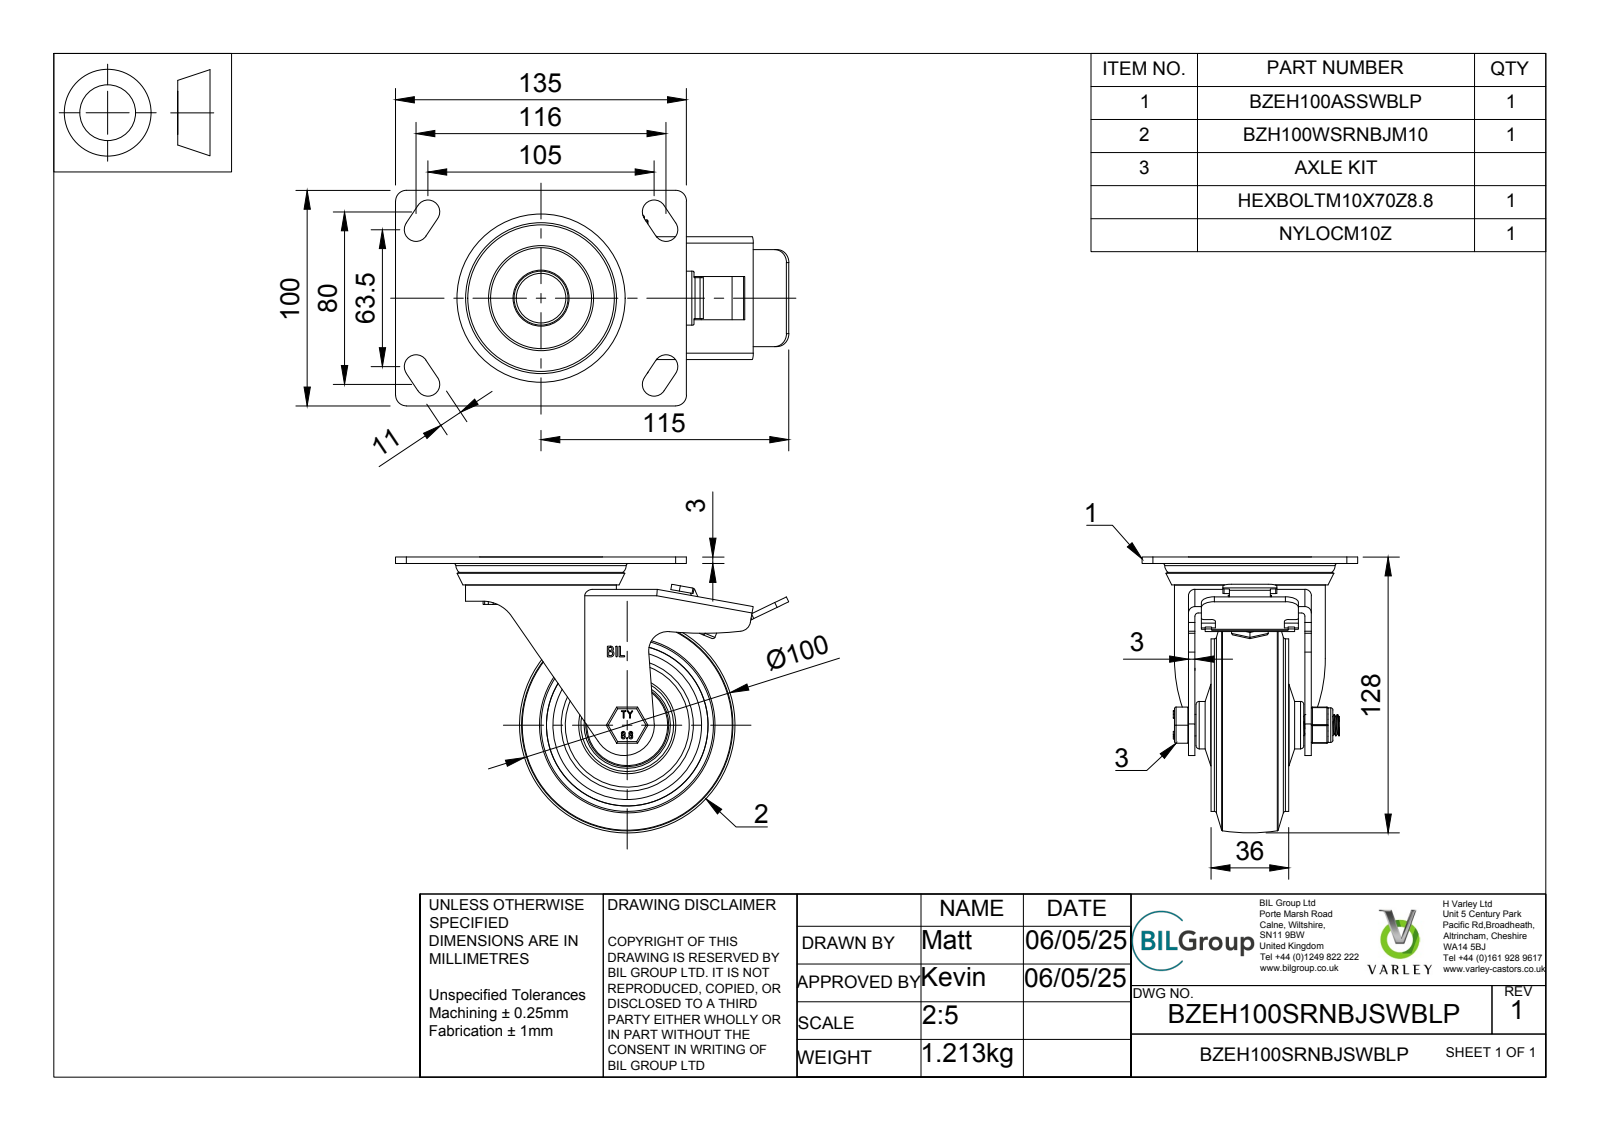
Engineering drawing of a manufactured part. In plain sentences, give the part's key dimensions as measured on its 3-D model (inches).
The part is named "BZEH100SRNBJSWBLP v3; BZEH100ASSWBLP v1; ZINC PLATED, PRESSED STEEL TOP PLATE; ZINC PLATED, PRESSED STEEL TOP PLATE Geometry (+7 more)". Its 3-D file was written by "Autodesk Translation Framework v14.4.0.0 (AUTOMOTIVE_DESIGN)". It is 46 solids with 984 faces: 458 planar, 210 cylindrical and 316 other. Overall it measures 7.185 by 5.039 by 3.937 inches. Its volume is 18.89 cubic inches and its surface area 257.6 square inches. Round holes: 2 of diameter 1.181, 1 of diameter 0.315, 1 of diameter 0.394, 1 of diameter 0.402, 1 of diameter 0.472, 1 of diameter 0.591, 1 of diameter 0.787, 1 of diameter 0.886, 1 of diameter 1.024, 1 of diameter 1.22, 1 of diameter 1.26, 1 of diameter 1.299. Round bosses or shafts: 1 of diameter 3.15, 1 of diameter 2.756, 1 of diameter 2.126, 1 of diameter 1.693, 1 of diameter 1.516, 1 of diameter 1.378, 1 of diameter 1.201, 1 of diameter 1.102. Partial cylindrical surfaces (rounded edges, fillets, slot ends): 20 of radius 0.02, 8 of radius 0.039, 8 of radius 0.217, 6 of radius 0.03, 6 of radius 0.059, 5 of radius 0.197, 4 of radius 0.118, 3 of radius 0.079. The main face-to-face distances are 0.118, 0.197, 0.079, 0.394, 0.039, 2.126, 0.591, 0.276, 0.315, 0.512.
* * *
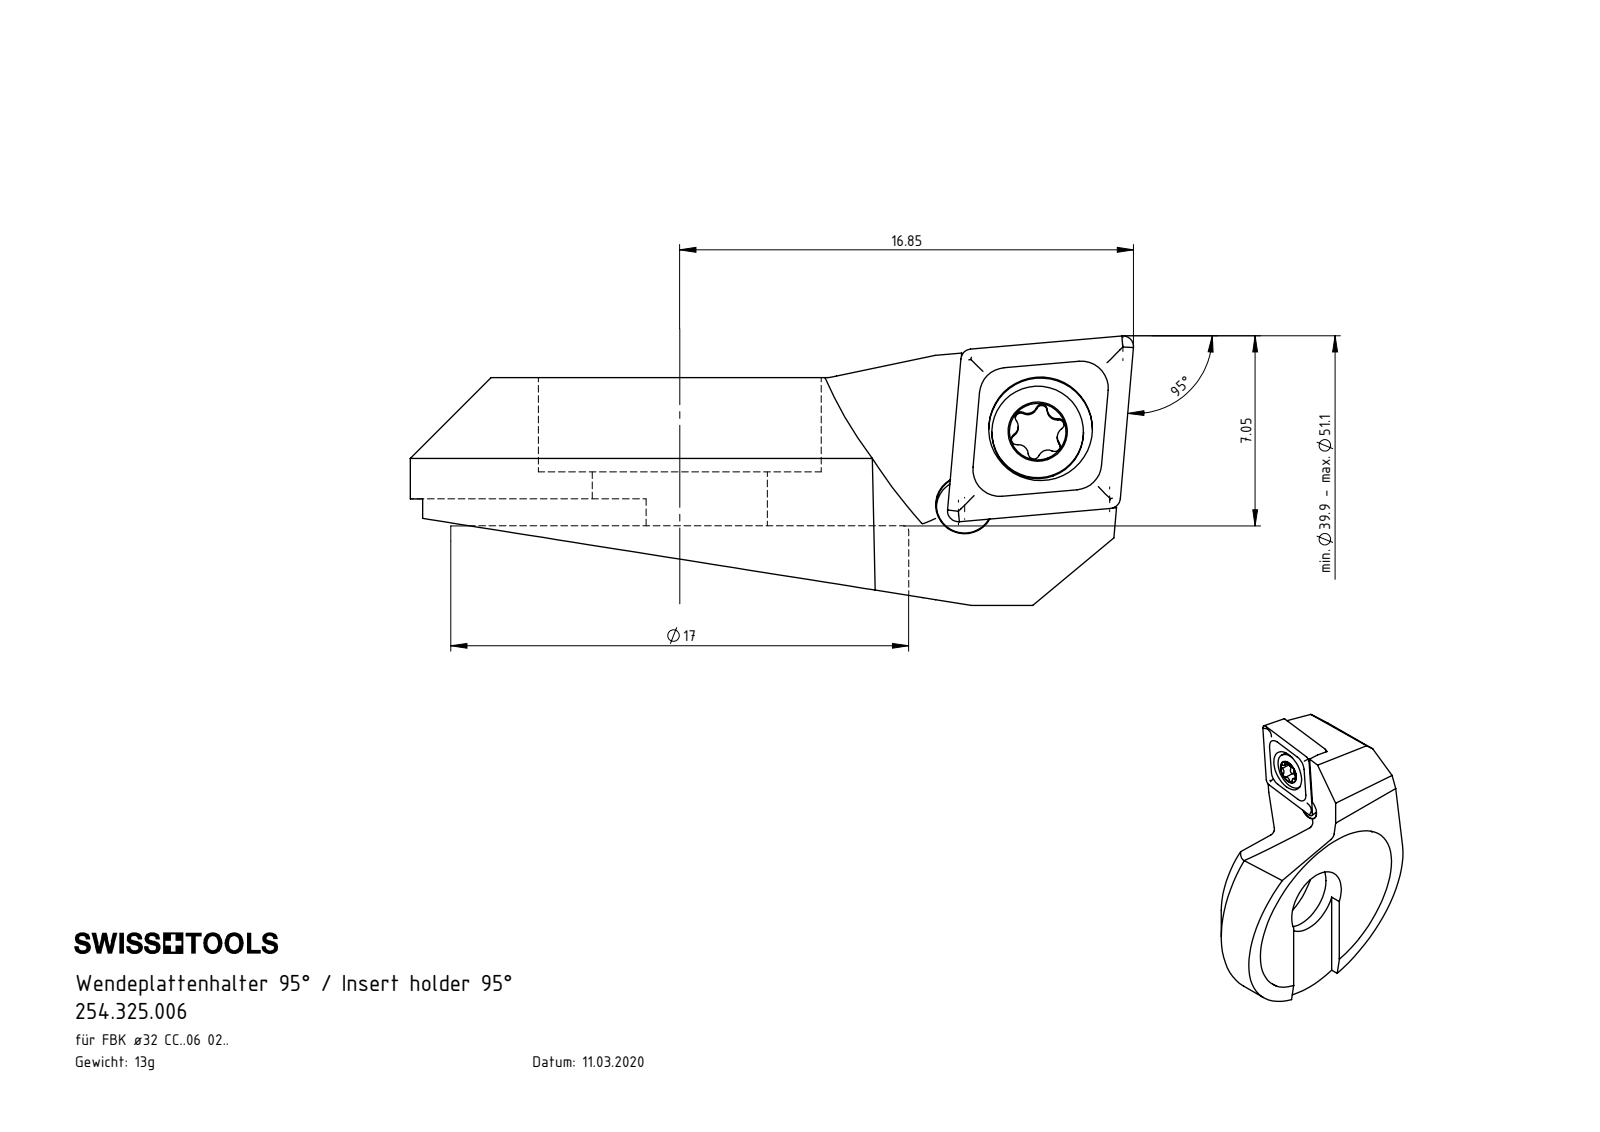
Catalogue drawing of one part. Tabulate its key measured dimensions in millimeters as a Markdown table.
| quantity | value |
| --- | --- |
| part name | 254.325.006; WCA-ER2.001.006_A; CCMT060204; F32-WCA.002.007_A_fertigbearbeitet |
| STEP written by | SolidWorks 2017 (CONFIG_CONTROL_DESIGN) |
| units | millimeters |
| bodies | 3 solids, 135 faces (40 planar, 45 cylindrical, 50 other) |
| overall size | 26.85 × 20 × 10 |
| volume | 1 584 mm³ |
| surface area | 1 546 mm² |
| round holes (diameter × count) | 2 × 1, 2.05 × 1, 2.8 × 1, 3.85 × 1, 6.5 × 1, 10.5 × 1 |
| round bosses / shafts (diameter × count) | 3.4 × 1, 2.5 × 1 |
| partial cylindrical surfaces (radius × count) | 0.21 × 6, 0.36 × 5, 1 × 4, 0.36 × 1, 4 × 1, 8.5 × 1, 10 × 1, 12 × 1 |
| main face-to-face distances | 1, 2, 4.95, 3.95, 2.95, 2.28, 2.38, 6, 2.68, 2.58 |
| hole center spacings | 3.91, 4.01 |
* * *
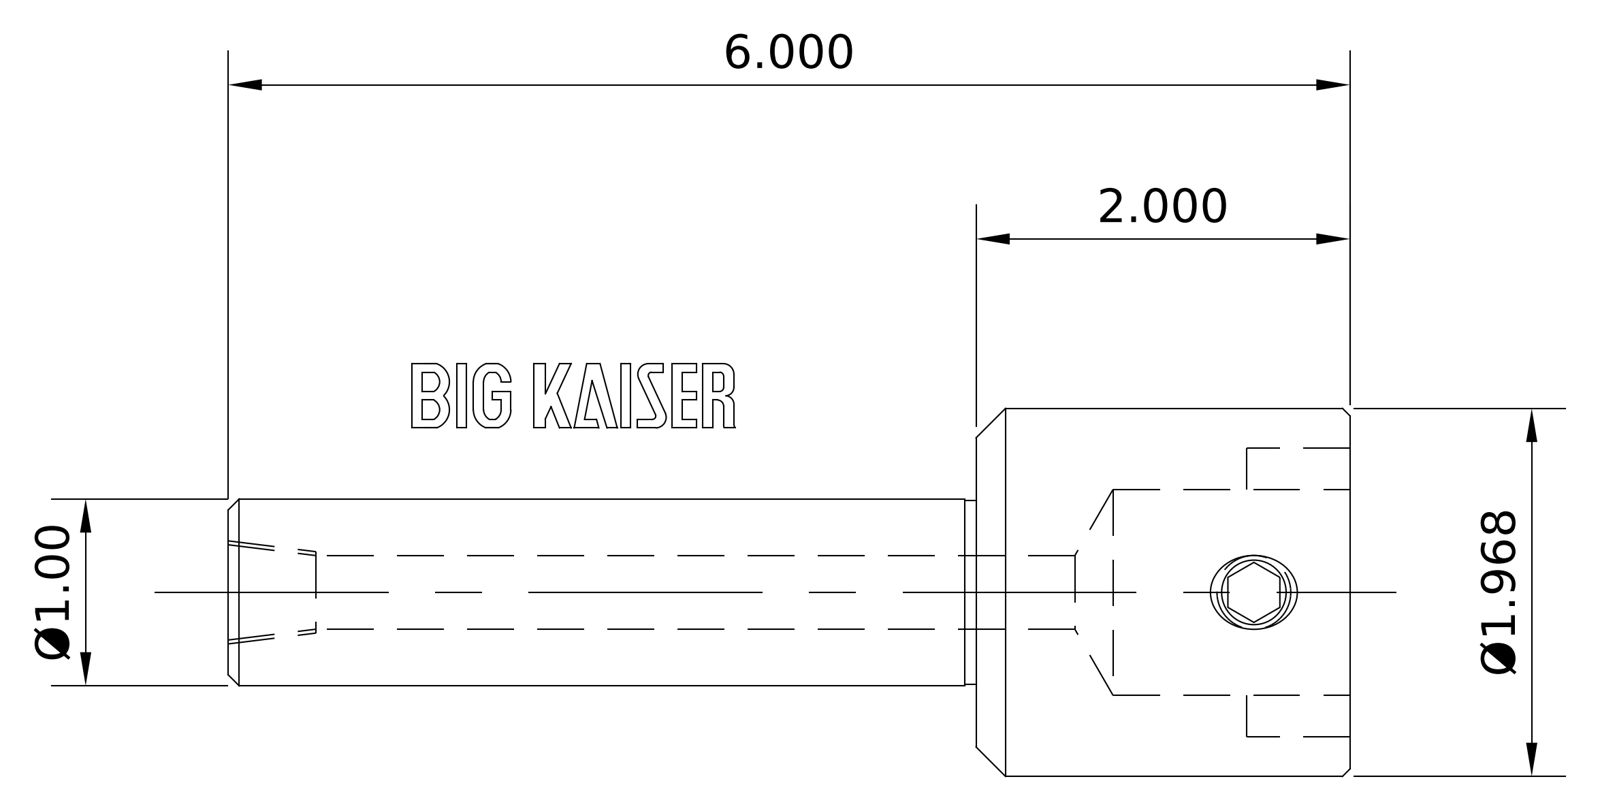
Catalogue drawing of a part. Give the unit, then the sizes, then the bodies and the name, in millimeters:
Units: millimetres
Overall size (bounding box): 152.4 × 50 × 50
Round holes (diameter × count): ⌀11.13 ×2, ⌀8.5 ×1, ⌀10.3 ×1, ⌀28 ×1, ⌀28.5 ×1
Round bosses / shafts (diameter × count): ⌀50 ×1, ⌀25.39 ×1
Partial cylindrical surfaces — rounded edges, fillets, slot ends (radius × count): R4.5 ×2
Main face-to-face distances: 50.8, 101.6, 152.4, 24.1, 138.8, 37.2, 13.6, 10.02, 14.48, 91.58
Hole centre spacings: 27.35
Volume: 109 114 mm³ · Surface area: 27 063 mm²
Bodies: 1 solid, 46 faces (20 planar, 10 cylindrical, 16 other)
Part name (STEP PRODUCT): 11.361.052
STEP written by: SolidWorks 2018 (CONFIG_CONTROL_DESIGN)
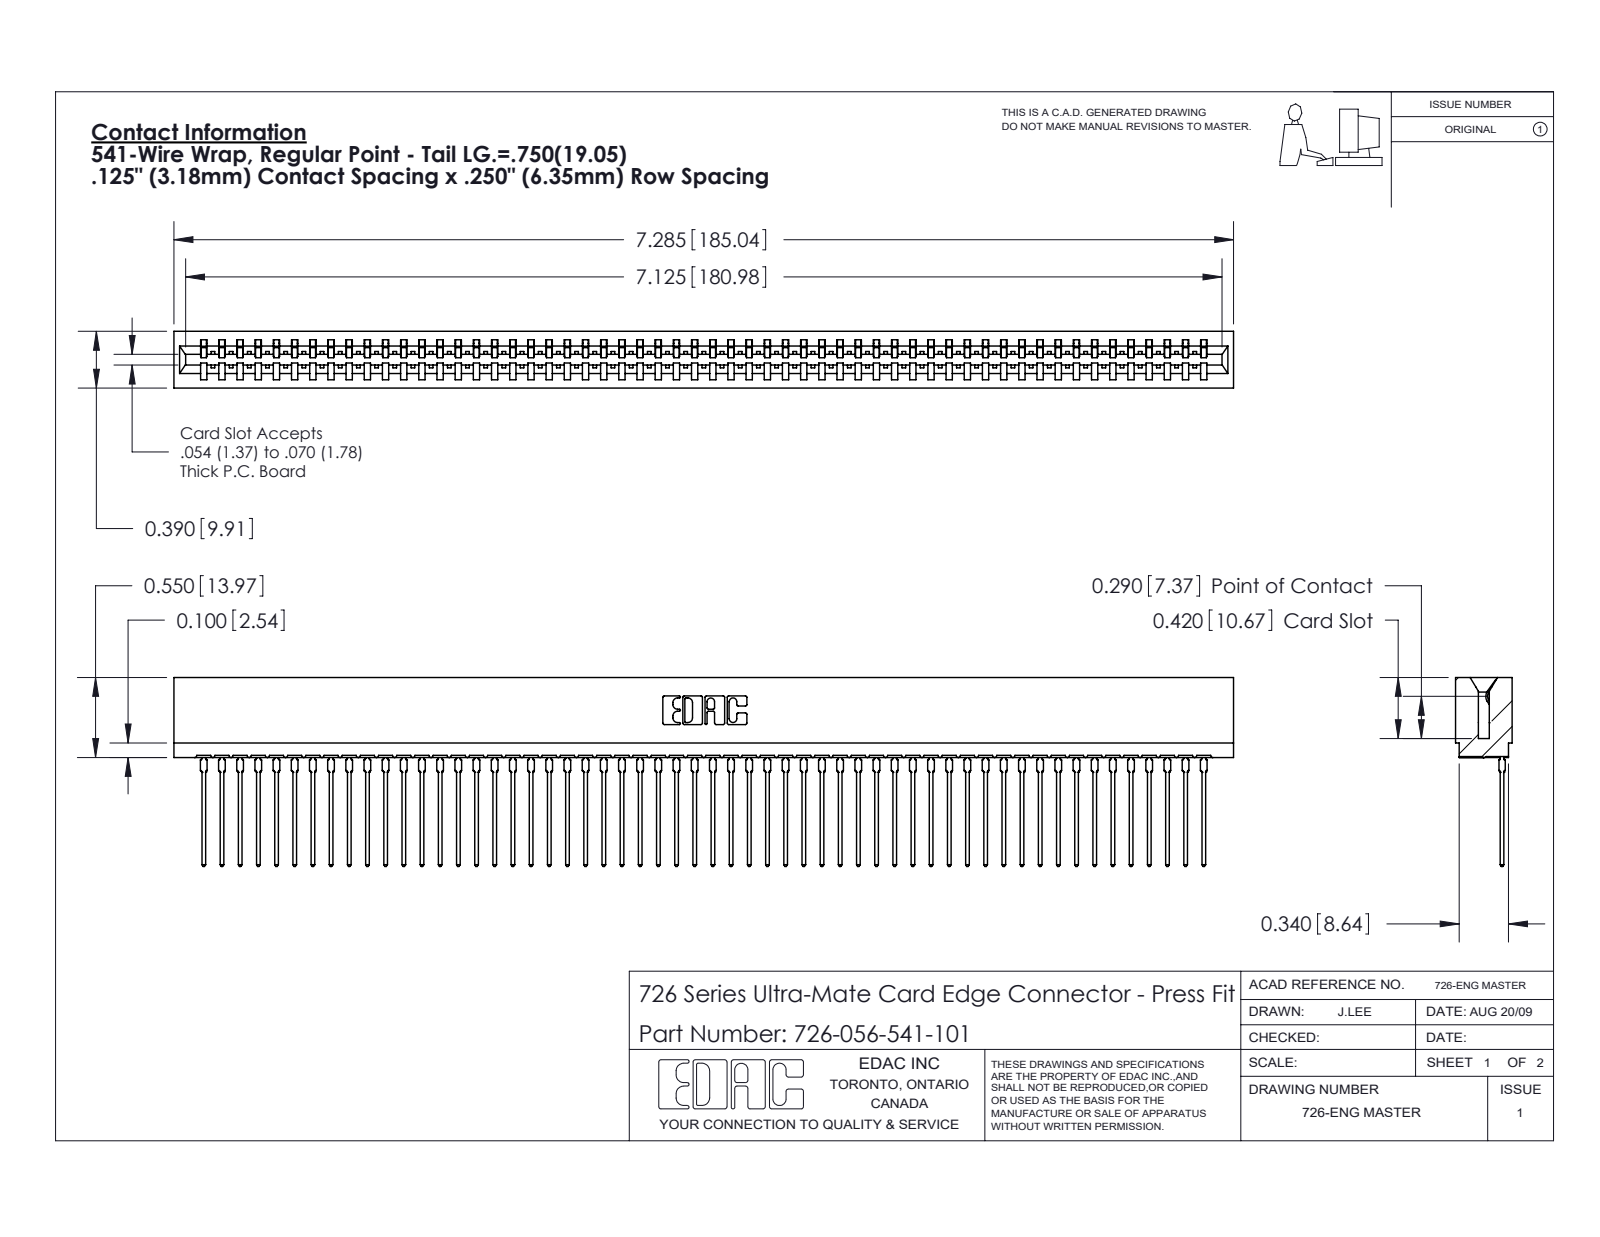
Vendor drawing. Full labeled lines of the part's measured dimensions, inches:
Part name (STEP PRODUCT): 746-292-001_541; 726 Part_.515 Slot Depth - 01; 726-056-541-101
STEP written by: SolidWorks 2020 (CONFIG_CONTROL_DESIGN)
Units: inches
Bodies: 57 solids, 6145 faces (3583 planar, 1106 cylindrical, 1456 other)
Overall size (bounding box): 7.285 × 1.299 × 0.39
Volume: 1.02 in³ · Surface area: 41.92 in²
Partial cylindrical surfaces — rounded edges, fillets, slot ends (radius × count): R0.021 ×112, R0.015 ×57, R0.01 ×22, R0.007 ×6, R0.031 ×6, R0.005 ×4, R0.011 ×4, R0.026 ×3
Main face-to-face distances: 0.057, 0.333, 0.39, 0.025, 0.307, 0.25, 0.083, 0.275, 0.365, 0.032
* * *
## WHAT THE EXERCISE ASKS
Look through the material above and work out how many of its lines contain "SolidWorks". State the number only.

## RESPONSE TO THIS EXERCISE
3